You can create custom filetypes and fill in the details accordingly. Currently, Microsoft Purview supports only one character in Custom Delimiter. If you use custom delimiters, such as ~, in your actual data, you need to create a new scan rule set.
Scan type and schedule
The scan process can be configured to run full or incremental scans.
Run the scans during non-business or off-peak hours to avoid any processing overload on the source.
Initial scan is a full scan, and every subsequent scan is incremental. Subsequent scans can be scheduled as periodic incremental scans. Learn more about the supported schedule options.
The frequency of scans should align with the change management schedule of the data source or business requirements. For example:
If the source structure could potentially change weekly, the scan frequency should be in sync. Changes include new assets or fields within an asset that are added, modified, or deleted.
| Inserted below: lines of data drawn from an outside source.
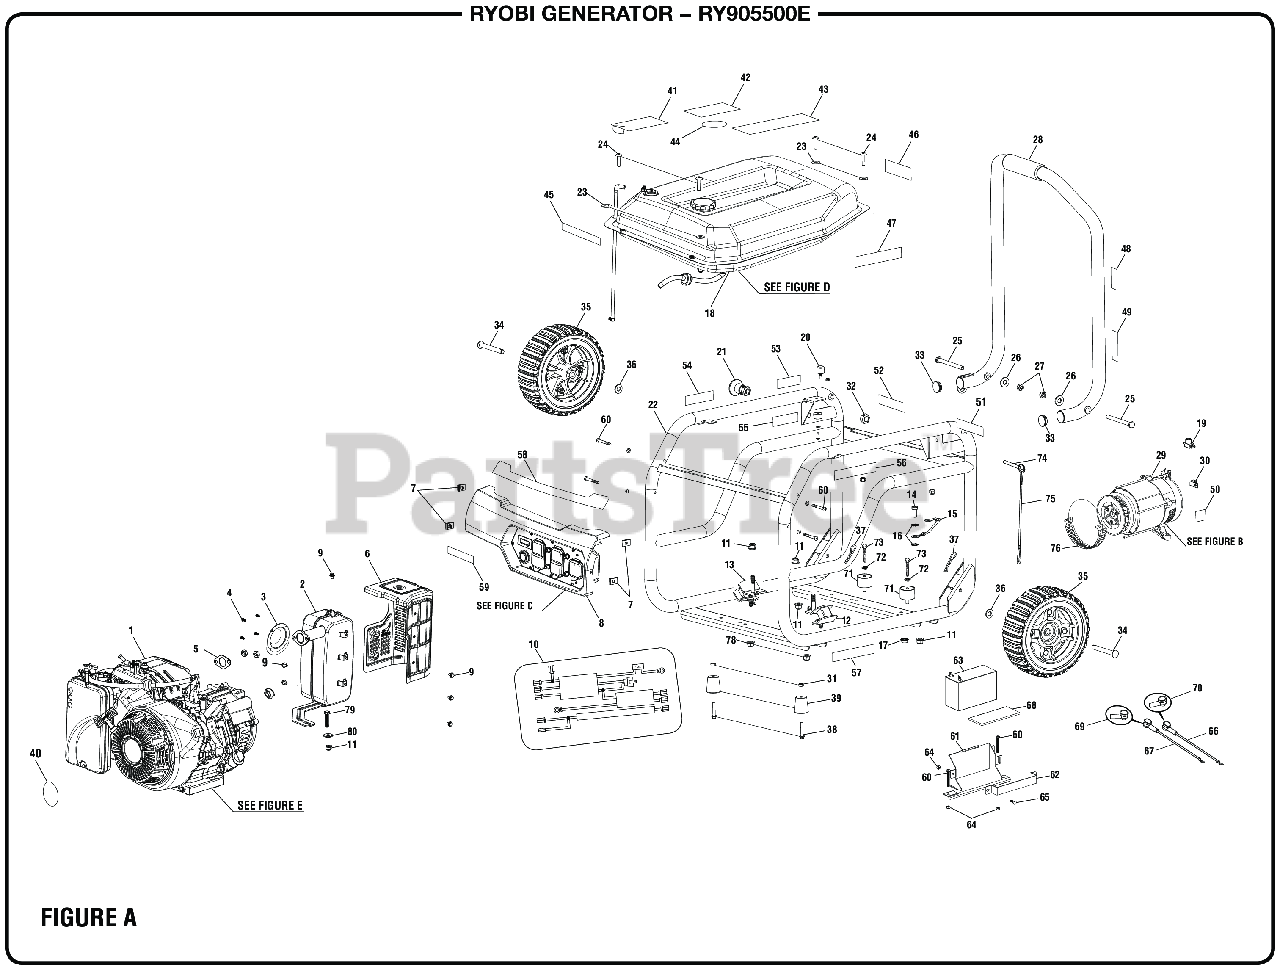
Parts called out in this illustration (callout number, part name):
3	Spark Arrester Screen
4	Screw (8-32 x 3/8 in., Pan Hd.)
5	Exhaust Gasket
6	Heat Shield
7	U-Clip (M6)
8	Control Panel Assembly
9	Bolt (M6 x 9 mm, Hex Flange Hd.)
10	Wire Assembly
11	Lock Nut (M8 x 1.25 mm, Flange)
12	Engine Isolator (Large)
13	Engine Isolator (Right)
14	Bolt (5/16-18 x 3/4 in., Hex. Hd.)
15	Assembly, ground wire
16	Washer (5/16 in., External Star)
17	Flange Nut (5/16-18, Hex Hd.)
18	Fuel System
19	Rubber Sleeve
20	Rubber Bumper
21	Quick Release Pin Assembly
22	Carrier Assembly
23	Washer (1/4 in., Type A)
24	Screw (1/4-20 x 1 in., T30 Torx Hd.)
25	Handle Pivot Pin (5/6-18 x 90 mm)
26	Washer ( 5/16 in.)
27	Lock Nut (5/16-18, Hex Hd.)
28	Handle Assembly
29	Generator Head Assembly (See Fig. A)
30	Ground Lug (5/16-24) (BM903600)
31	Lock Nut (M8 x 1.25)
32	Lock Nut (1/2-20, Hex)
34	Washer (M10)
35	Handle Isolator
36	Washer (OD19.75 x ID10.5 x 1t)
37	Hitch Pin (M3)
38	Bolt (M8 x 1.25 in., Flange Hex Hd.)
39	Foot Assembly
40	Engine Recoil Label
41	Warning Hangtag
42	Warning Label
43	CPSC (English) Label
44	Remove Cap Fuel Stabilizer Label (English)
45	Logo Label
46	UL Fire Warning Label Spark Arrestor)
47	Start Label
48	Fuel Stabilizer Label (French/Spanish)
49	No E85 Label
50	Ground Label Icon
51	Ground Warning Label
52	Risk of Fire Danger Label
53	Quick Release Pin Label
54	Inquires Label (Ryobi)
56	Fire Distance Label (Eng/Sp)
57	Engine Lubricant Label
58	Performance Label
59	Choke Label
60	Screw (M6 x 50 mm, T30 Torx Pan Hd. )
61	Battery Box Gasket
62	Battery Hold Down Bracket Assembly
63	Battery Bracket
64	Lock Nut (M6 x 1 mm)
65	Screw (M6 x 16 mm, Hex Hd.)
66	Battery Cable (Red)
67	Battery Cable (Black)
68	Gasket (Battery Hold Down Bracket)
69	Rubber Battery Cable Boot (Black)
70	Rubber Battery Cable Boot (Red)
71	Isolator Generation 7
72	Lock Washer (OD14.8 x ID8.5 x 1t)
73	Bolt (M8 x 1.25 in., Hex Hd.)
74	Release Pin (5/16 x 2 in.)
75	Lanyard (3/16 in.)
76	Fan Cover (Generator Head)
78	Lock Nut (5/16-18)
79	Screw (M8 x 40 mm, Hex Hd.)
80	Washer (ID9 x OD25.4 x 2t)
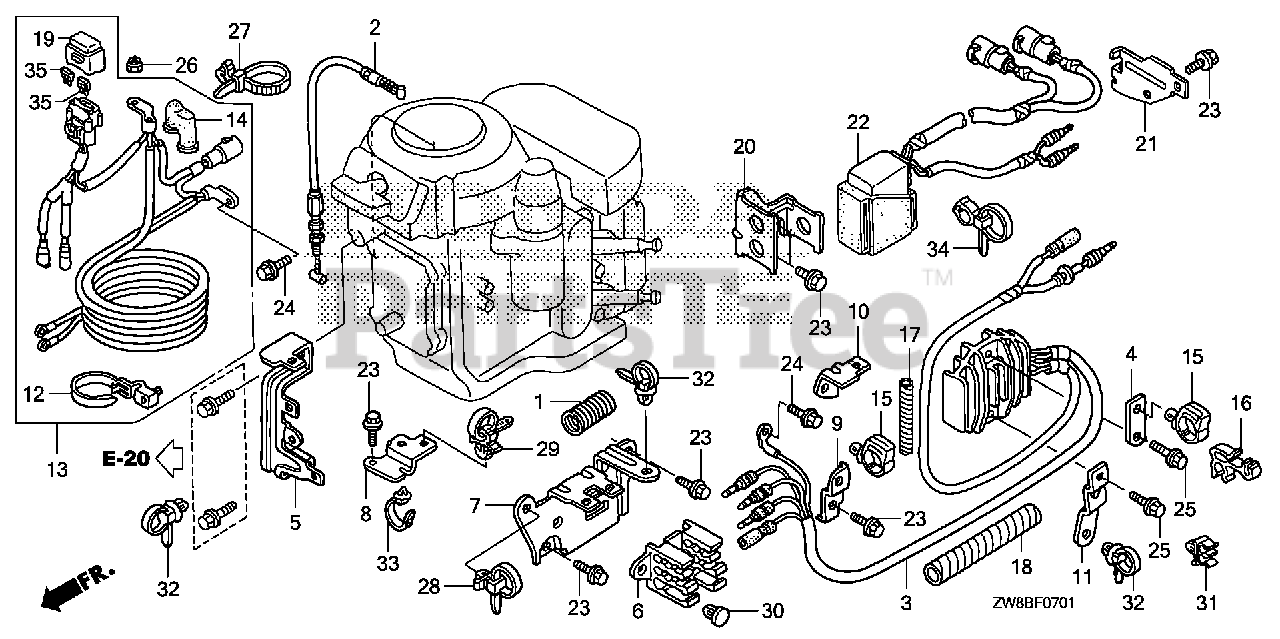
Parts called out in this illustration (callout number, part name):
2	CABLE, NEUTRAL STARTING
3	RECTIFIER ASSY., REGULATOR
4	BRACKET, CLIP F
5	BRACKET, CONNECTOR (A)
6	BRACKET, CONNECTOR (B)
7	BRACKET, CONNECTOR
8	BRACKET, STARTER CABLE
9	BRACKET, CLIP B
10	BRACKET, FUSE CASE
11	BRACKET, E-CLIP
12	BAND, WIRE
13	CABLE ASSY., STARTER (R/C PT)
14	COVER, MAGNETIC SWITCH TERMINAL
15	CLAMP, ENGINE SUB-WIRE
16	CLAMP, DISTRIBUTOR WIRE
17	TUBE, SPIRAL C
18	TUBE, SPIRAL A
19	COVER ASSY., FUSE (20A)
20	BRACKET, POWER TILT RELAY
21	BRACKET, CONNECTOR A
22	RELAY ASSY., POWER TILT
23	BOLT, FLANGE (6X14) (CT200)
24	BOLT, FLANGE (6X12)
25	BOLT, FLANGE (6X26) (CT200)
26	NUT, LOCK (6MM)
27	BAND, WIRE (95MM)
28	STRAP, CABLE (118MM) *NH1L* (Honda Code 1170653). (BLACK)
29	STRAP, CABLE (105MM) *NH1* (Honda Code 1685536). (BLACK)
30	CLIP, ANCHOR
31	CLIP, FUEL TUBE
32	CLIP, HARNESS BAND (151.5MM) (NATURAL)
33	BAND, WIRE HARNESS (123.5MM) (BLUE)
34	CLIP, TUBE (135MM) (BLACK)
35	FUSE, BLADE (20A)
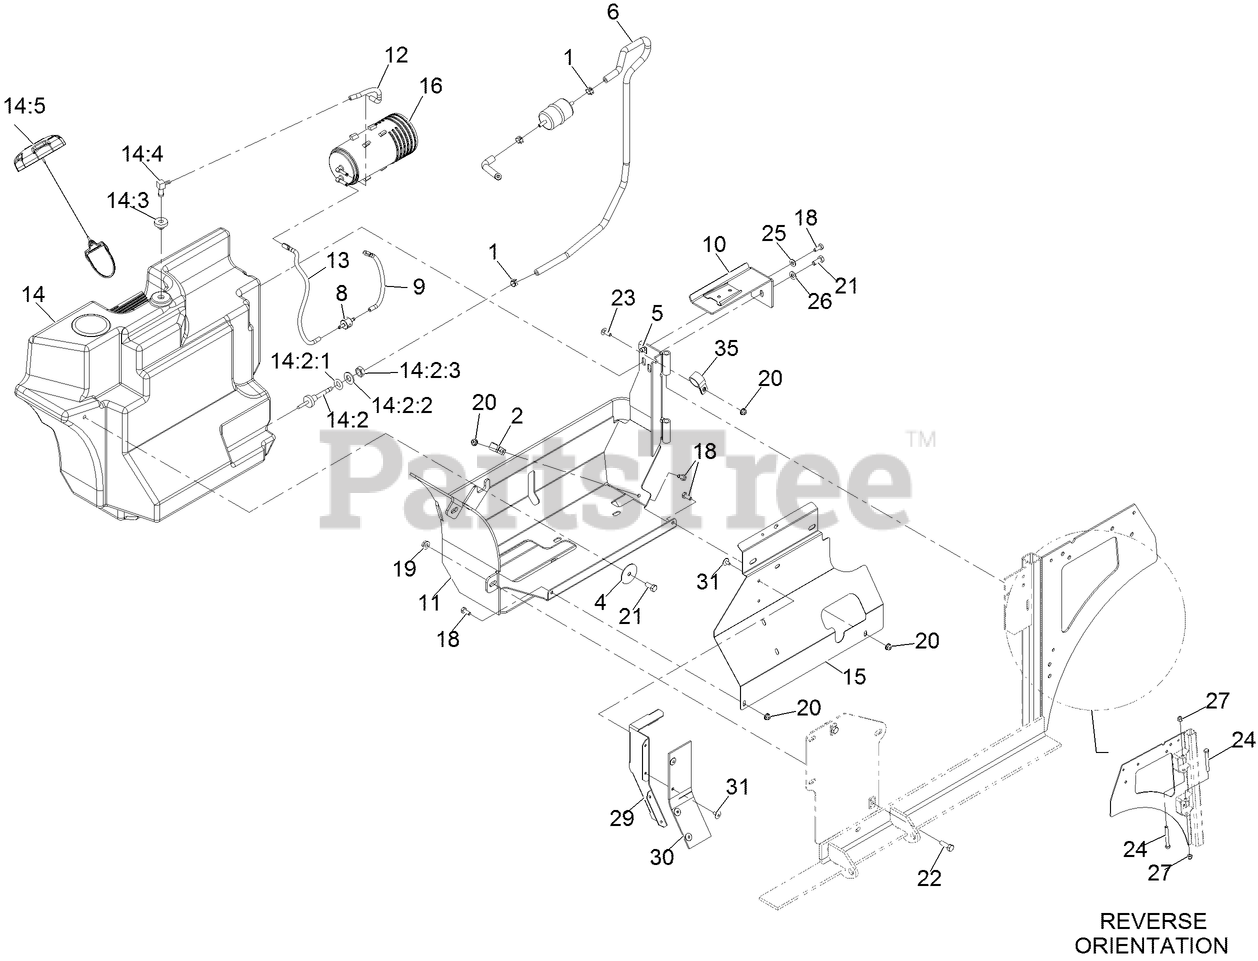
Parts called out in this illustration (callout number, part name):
1	CLAMP-HOSE
2	CLIP-LOOM
6	HOSE-FUEL
8	VALVE-CHECK, VACUUM
9	HOSE-VENT, FORMED
10	CANISTER BRACKET ASM
11	TANK FRAME ASM
12	HOSE-VENT, FORMED
13	HOSE-VENT, FORMED
14	FUEL TANK ASM
14:2	FITTING-FUEL, BULKHEAD
14:2:1	O-RING,BULKHEAD FITTING
14:2:2	WASHER-FLAT
14:2:3	NUT-JAM
14:3	BUSHING
14:5	CAP-FUEL, RATCHETING
15	PANEL-TANK SHIELD
16	CANISTER-CARBON, 800CC
18	SCREW-HH
21	SCREW-HH
22	SCREW-HH
23	BOLT-CARR
24	SCREW-HH
25	WASHER-FLAT
26	WASHER-PLAIN
27	NUT-LOCK, NI
29	DEFLECTOR-AIR
30	FLAP-RUBBER
31	RIVET-POP
35	R-CLAMP

If the classification or sensitivity labels are expected to be up to date on a weekly basis, perhaps for regulatory reasons, the scan frequency should be weekly.
For example, if partitions files are added every week in a source data lake, you might schedule monthly scans. You don't need to schedule weekly scans because there's no change in metadata. This suggestion assumes there are no new classification scenarios.
The maximum duration that the scan can run is seven days, possibly because of memory issues. This time period excludes the ingestion process. If progress hasn't been updated after seven days, the scan is marked as failed. The ingestion (into catalog) process currently doesn't have any such limitation.
Canceling scans
Currently, scans can only be canceled or paused if the status of the scan has transitioned into an "In Progress" state from "Queued" after you trigger the scan.
Canceling an individual child scan isn't supported.
Points to note
If a field or column, table, or a file is removed from the source system after the scan was executed, it will only be reflected (removed) in Microsoft Purview after the next scheduled full or incremental scan.
An asset can be deleted from a Microsoft Purview catalog by using the Delete icon under the name of the asset. This action won't remove the object in the source. If you run a full scan on the same source, it would get reingested in the catalog. If you run incremental scan instead, the deleted asset won't be picked unless the object is modified at the source. An example is if a column is added or removed from the table.
To understand the behavior of subsequent scans after manually editing a data asset or an underlying schema through the Microsoft Purview governance portal, see Catalog asset details.